Report each line of the data that contains the string "True".

-- Extracted entries follows --

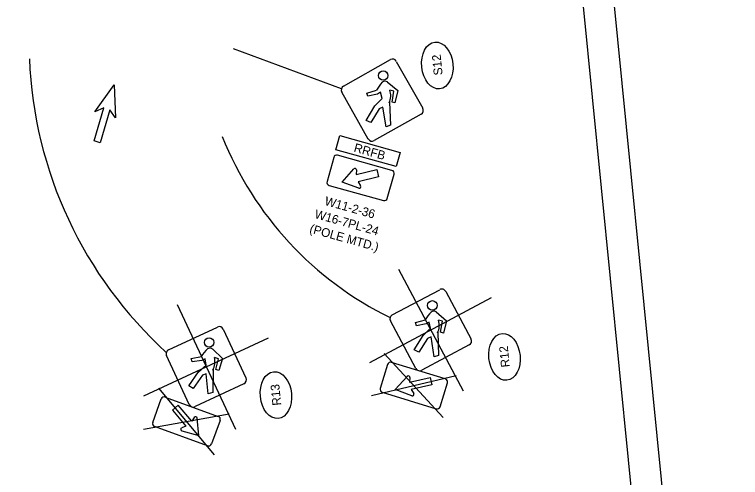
# Model space of a CAD drawing. Extents: x 2210919 to 2211172, y 637144 to 637504.
# Drawn here: x 2211055.9 to 2211171.8, y 637293.5 to 637367.4 of the extents above; entities that cross this region are included whole.
import ezdxf

# ---------------------------------------------------------------- set-up
doc = ezdxf.new("R2010")
doc.units = 0
for name, color, linetype in [('PM_P_Cells', 7, 'Continuous'), ('SH_Border', 7, 'Continuous'), ('SH_Cut_Line', 7, 'Continuous'), ('SH_Text', 7, 'Continuous'), ('SN_P_Signs', 7, 'Continuous'), ('SN_P_Text', 7, 'Continuous'), ('SN_X_Public', 7, 'Continuous'), ('SN_X_Text', 7, 'Continuous')]:
    doc.layers.add(name, color=color, linetype=linetype)

msp = doc.modelspace()

# ---------------------------------------------------------------- linework, layer by layer
at = {"layer": 'PM_P_Cells'}
for p, q in [((2211068.67, 637351.89), (2211071.76, 637356.18)), ((2211071.76, 637356.18), (2211071.76, 637356.18)), ((2211071.76, 637356.18), (2211071.99, 637350.89)), ((2211068.56, 637347.22), (2211070.14, 637352.49)), ((2211070.14, 637352.49), (2211068.67, 637351.89)), ((2211071.09, 637352.2), (2211069.52, 637346.93)), ((2211071.99, 637350.89), (2211071.09, 637352.2)), ((2211069.52, 637346.93), (2211068.56, 637347.22)), ((2211069.04, 637347.08), (2211069.04, 637347.08))]:
    msp.add_line(p, q, dxfattribs=at)
at = {"layer": 'SH_Border'}
msp.add_lwpolyline([(2210956.37, 637159.81), (2210924.77, 637478.24), (2211133.74, 637498.98), (2211165.34, 637180.55)], close=True, dxfattribs=at)
at = {"layer": 'SH_Cut_Line'}
msp.add_lwpolyline([(2211171.8, 637166.11), (2211138.22, 637504.45), (2210919.3, 637482.73), (2210952.88, 637144.39)], close=True, dxfattribs=at)
at = {"layer": 'SH_Text'}
for p, q in [((2211108.06, 637355.56), (2211090.82, 637361.93)), ((2211110.44, 637341.85), (2211113.7, 637342.68)), ((2211110.48, 637342.59), (2211110.44, 637341.85)), ((2211113.7, 637342.68), (2211114, 637341.51)), ((2211114, 637341.51), (2211110.74, 637340.67)), ((2211110.74, 637340.67), (2211111.14, 637340.04)), ((2211110.85, 637339.68), (2211110.85, 637339.68))]:
    msp.add_line(p, q, dxfattribs=at)
msp.add_lwpolyline([(2211107.82, 637348.07), (2211117.45, 637345.38), (2211116.82, 637343.13), (2211107.19, 637345.82)], close=True, dxfattribs=at)
for points in [[(2211116.13, 637342.52), (2211107.46, 637344.94)], [(2211106.85, 637344.59), (2211105.77, 637340.74)], [(2211110.85, 637339.68), (2211108.2, 637340.64), (2211110.06, 637342.76)], [(2211115.4, 637338.05), (2211116.48, 637341.9)], [(2211106.12, 637340.13), (2211114.79, 637337.7)]]:
    msp.add_lwpolyline(points, dxfattribs=at)
for centre, radius, start, end in [((2211107.33, 637344.46), 0.5, 74.3891, 164.3891), ((2211110.24, 637342.6), 0.243, 356.5762, 138.7128), ((2211116, 637342.04), 0.5, 344.3891, 74.3891), ((2211106.25, 637340.61), 0.5, 164.3891, 254.3891), ((2211110.93, 637339.91), 0.243, 250.0654, 32.2019), ((2211114.92, 637338.19), 0.5, 254.3891, 344.3891)]:
    msp.add_arc(centre, radius, start, end, dxfattribs=at)
for centre in [(2211123.38, 637359.27), (2211134.11, 637312.75), (2211097.61, 637306.65)]:
    msp.add_ellipse(centre, major_axis=(-0.37, 3.73), ratio=0.666667, dxfattribs=at)
at = {"layer": 'SN_P_Signs'}
for p, q in [((2211115.4, 637356.65), (2211117.08, 637355.28)), ((2211112.13, 637354.85), (2211113.69, 637355.32)), ((2211116.43, 637355.16), (2211115.8, 637355.33)), ((2211112.29, 637354.35), (2211112.13, 637354.85)), ((2211113.82, 637354.68), (2211112.29, 637354.35)), ((2211114.32, 637354.99), (2211113.82, 637354.68)), ((2211114.57, 637354.02), (2211114.32, 637354.99)), ((2211116.15, 637353.42), (2211116.43, 637355.16)), ((2211117.08, 637355.28), (2211116.62, 637353.29)), ((2211113.41, 637352.83), (2211114.57, 637354.02)), ((2211115.73, 637353.39), (2211115.93, 637349.72)), ((2211116.62, 637353.29), (2211116.15, 637353.42)), ((2211112.04, 637350.5), (2211113.41, 637352.83)), ((2211114.1, 637352.34), (2211112.77, 637350.15)), ((2211114.69, 637352.63), (2211114.1, 637352.34)), ((2211115.24, 637349.46), (2211114.69, 637352.63)), ((2211112.77, 637350.15), (2211112.04, 637350.5)), ((2211115.93, 637349.72), (2211115.24, 637349.46))]:
    msp.add_line(p, q, dxfattribs=at)
for points in [[(2211108.39, 637355.98), (2211115.89, 637360.2)], [(2211116.84, 637359.93), (2211121.06, 637352.44)], [(2211112.35, 637347.53), (2211108.13, 637355.03)], [(2211120.79, 637351.49), (2211113.3, 637347.27)]]:
    msp.add_lwpolyline(points, dxfattribs=at)
msp.add_circle((2211114.75, 637357.66), 0.758, dxfattribs=at)
for centre, radius, start, end in [((2211116.23, 637359.59), 0.7, 29.3891, 119.3891), ((2211118.07, 637353.22), 4.85, 135.9302, 154.4207), ((2211115.04, 637355.99), 0.751, 60.6332, 126.8841), ((2211108.74, 637355.37), 0.7, 119.3891, 209.3891), ((2211113.12, 637354.44), 2.82, 336.2392, 18.45), ((2211120.45, 637352.1), 0.7, 299.3891, 29.3891), ((2211112.96, 637347.88), 0.7, 209.3891, 299.3891)]:
    msp.add_arc(centre, radius, start, end, dxfattribs=at)
at = {"layer": 'SN_X_Public'}
for p, q in [((2211117.17, 637326.77), (2211127.5, 637307.33)), ((2211112.62, 637311.88), (2211132.05, 637322.22)), ((2211081.82, 637321.14), (2211091.14, 637301.2)), ((2211123.21, 637319.94), (2211124.85, 637318.53)), ((2211119.9, 637318.23), (2211121.48, 637318.65)), ((2211120.05, 637317.72), (2211119.9, 637318.23)), ((2211122.1, 637318.31), (2211121.59, 637318.01)), ((2211122.31, 637317.33), (2211122.1, 637318.31)), ((2211124.2, 637318.43), (2211123.58, 637318.62)), ((2211123.88, 637316.7), (2211124.2, 637318.43)), ((2211124.85, 637318.53), (2211124.35, 637316.56)), ((2211121.59, 637318.01), (2211120.05, 637317.72)), ((2211121.13, 637316.18), (2211122.31, 637317.33)), ((2211119.71, 637313.88), (2211121.13, 637316.18)), ((2211122.41, 637315.94), (2211121.81, 637315.67)), ((2211122.88, 637312.76), (2211122.41, 637315.94)), ((2211123.46, 637316.68), (2211123.58, 637313)), ((2211124.35, 637316.56), (2211123.88, 637316.7)), ((2211076.51, 637306.51), (2211096.45, 637315.82)), ((2211121.81, 637315.67), (2211120.42, 637313.51)), ((2211087.51, 637314.01), (2211089.07, 637312.52)), ((2211120.42, 637313.51), (2211119.71, 637313.88)), ((2211084.1, 637312.47), (2211085.7, 637312.81)), ((2211084.23, 637311.95), (2211084.1, 637312.47)), ((2211086.31, 637312.44), (2211085.78, 637312.16)), ((2211086.47, 637311.45), (2211086.31, 637312.44)), ((2211088.42, 637312.45), (2211087.8, 637312.67)), ((2211088.01, 637310.74), (2211088.42, 637312.45)), ((2211089.07, 637312.52), (2211088.47, 637310.57)), ((2211114.91, 637313.27), (2211124.34, 637303.07)), ((2211123.58, 637313), (2211122.88, 637312.76)), ((2211085.78, 637312.16), (2211084.23, 637311.95)), ((2211085.23, 637310.36), (2211086.47, 637311.45)), ((2211083.69, 637308.14), (2211085.23, 637310.36)), ((2211087.58, 637310.74), (2211087.51, 637307.06)), ((2211088.47, 637310.57), (2211088.01, 637310.74)), ((2211085.88, 637309.81), (2211084.39, 637307.73)), ((2211086.49, 637310.05), (2211085.88, 637309.81)), ((2211086.8, 637306.85), (2211086.49, 637310.05)), ((2211112.86, 637306.58), (2211126.39, 637309.77)), ((2211118.95, 637308.71), (2211122.23, 637309.47)), ((2211119.01, 637309.45), (2211118.95, 637308.71)), ((2211122.23, 637309.47), (2211122.5, 637308.29)), ((2211078.87, 637307.78), (2211087.76, 637297.1)), ((2211084.39, 637307.73), (2211083.69, 637308.14)), ((2211122.5, 637308.29), (2211119.23, 637307.53)), ((2211087.51, 637307.06), (2211086.8, 637306.85)), ((2211119.23, 637307.53), (2211119.61, 637306.89)), ((2211119.31, 637306.54), (2211119.31, 637306.54)), ((2211082.01, 637305.05), (2211081.08, 637304.26)), ((2211084.18, 637302.47), (2211082.01, 637305.05)), ((2211076.48, 637301.2), (2211090.15, 637303.68)), ((2211081.08, 637304.26), (2211083.25, 637301.69)), ((2211084.57, 637303.1), (2211084.18, 637302.47)), ((2211083.25, 637301.69), (2211082.56, 637301.41)), ((2211082.59, 637300.95), (2211082.58, 637300.95))]:
    msp.add_line(p, q, dxfattribs=at)
for points in [[(2211116.19, 637319.44), (2211123.78, 637323.48)], [(2211124.73, 637323.19), (2211128.77, 637315.6)], [(2211119.94, 637310.91), (2211115.9, 637318.5)], [(2211080.47, 637313.88), (2211088.26, 637317.52)], [(2211089.19, 637317.18), (2211092.83, 637309.39)], [(2211128.48, 637314.65), (2211120.89, 637310.62)], [(2211083.77, 637305.15), (2211080.13, 637312.95)], [(2211115.43, 637311.55), (2211114.26, 637307.72)], [(2211124.66, 637309.25), (2211116.05, 637311.88)], [(2211119.31, 637306.54), (2211116.68, 637307.57), (2211118.59, 637309.64)], [(2211092.49, 637308.46), (2211084.7, 637304.82)], [(2211123.82, 637304.8), (2211124.99, 637308.63)], [(2211114.59, 637307.1), (2211123.2, 637304.47)], [(2211077.93, 637302.27), (2211079.3, 637306.03)], [(2211079.94, 637306.33), (2211088.4, 637303.26)], [(2211082.58, 637300.95), (2211085.3, 637300.19), (2211085.02, 637302.99)], [(2211088.69, 637302.61), (2211087.33, 637298.86)], [(2211086.69, 637298.56), (2211078.23, 637301.63)]]:
    msp.add_lwpolyline(points, dxfattribs=at)
for centre in [(2211122.59, 637320.97), (2211086.94, 637315.06)]:
    msp.add_circle(centre, 0.758, dxfattribs=at)
for centre, radius, start, end in [((2211124.11, 637322.87), 0.7, 28.01, 118.01), ((2211116.52, 637318.83), 0.7, 118.01, 208.01), ((2211125.79, 637316.46), 4.85, 134.5511, 153.0417), ((2211122.83, 637319.3), 0.751, 59.2541, 125.505), ((2211120.88, 637317.79), 2.82, 334.8601, 17.0709), ((2211088.56, 637316.88), 0.7, 25.0396, 115.0396), ((2211128.15, 637315.27), 0.7, 298.01, 28.01), ((2211080.77, 637313.24), 0.7, 115.0396, 205.0396), ((2211089.9, 637310.39), 4.85, 131.5807, 150.0713), ((2211087.09, 637313.38), 0.751, 56.2838, 122.5346), ((2211085.06, 637311.98), 2.82, 331.8898, 14.1005), ((2211115.91, 637311.4), 0.5, 73.01, 163.01), ((2211120.56, 637311.23), 0.7, 208.01, 298.01), ((2211092.2, 637309.09), 0.7, 295.0396, 25.0396), ((2211118.77, 637309.47), 0.243, 355.1972, 137.3337), ((2211124.51, 637308.77), 0.5, 343.01, 73.01), ((2211114.74, 637307.58), 0.5, 163.01, 253.01), ((2211119.4, 637306.77), 0.243, 248.6863, 30.8228), ((2211079.77, 637305.86), 0.5, 70.0396, 160.0396), ((2211084.4, 637305.45), 0.7, 205.0396, 295.0396), ((2211123.34, 637304.95), 0.5, 253.01, 343.01), ((2211084.78, 637302.97), 0.243, 5.7159, 147.8524), ((2211088.23, 637302.79), 0.5, 340.0396, 70.0396), ((2211078.4, 637302.1), 0.5, 160.0396, 250.0396), ((2211082.65, 637301.18), 0.243, 112.2268, 254.3633), ((2211086.86, 637299.03), 0.5, 250.0396, 340.0396)]:
    msp.add_arc(centre, radius, start, end, dxfattribs=at)
at = {"layer": 'SN_X_Text'}
for centre, radius, start, end in [((2211125.2, 637363.06), 67.02, 182.3161, 227.7144), ((2211139.85, 637368.16), 54.68, 201.6948, 243.9627)]:
    msp.add_arc(centre, radius, start, end, dxfattribs=at)

# ---------------------------------------------------------------- texts
at = {"layer": 'SH_Text'}
for s, p in [('S12', (2211124.24, 637357.77)), ('R12', (2211134.97, 637311.15)), ('R13', (2211098.47, 637305.05))]:
    msp.add_text(s, height=1.4, rotation=95.6672, dxfattribs=at).set_placement(p)
at = {"layer": 'SN_P_Text'}
for s, p in [('RRFB', (2211109.95, 637345.54)), ('W11-2-36', (2211105.3, 637337.03)), ('W16-7PL-24', (2211103.69, 637334.94)), ('(POLE MTD.)', (2211102.88, 637332.62))]:
    msp.add_text(s, height=1.4, rotation=344.3891, dxfattribs=at).set_placement(p)

doc.saveas('drawing.dxf')

-- Extracted entries concluded --

* **Result for this exercise**:
msp.add_lwpolyline([(2210956.37, 637159.81), (2210924.77, 637478.24), (2211133.74, 637498.98), (2211165.34, 637180.55)], close=True, dxfattribs=at)
msp.add_lwpolyline([(2211171.8, 637166.11), (2211138.22, 637504.45), (2210919.3, 637482.73), (2210952.88, 637144.39)], close=True, dxfattribs=at)
msp.add_lwpolyline([(2211107.82, 637348.07), (2211117.45, 637345.38), (2211116.82, 637343.13), (2211107.19, 637345.82)], close=True, dxfattribs=at)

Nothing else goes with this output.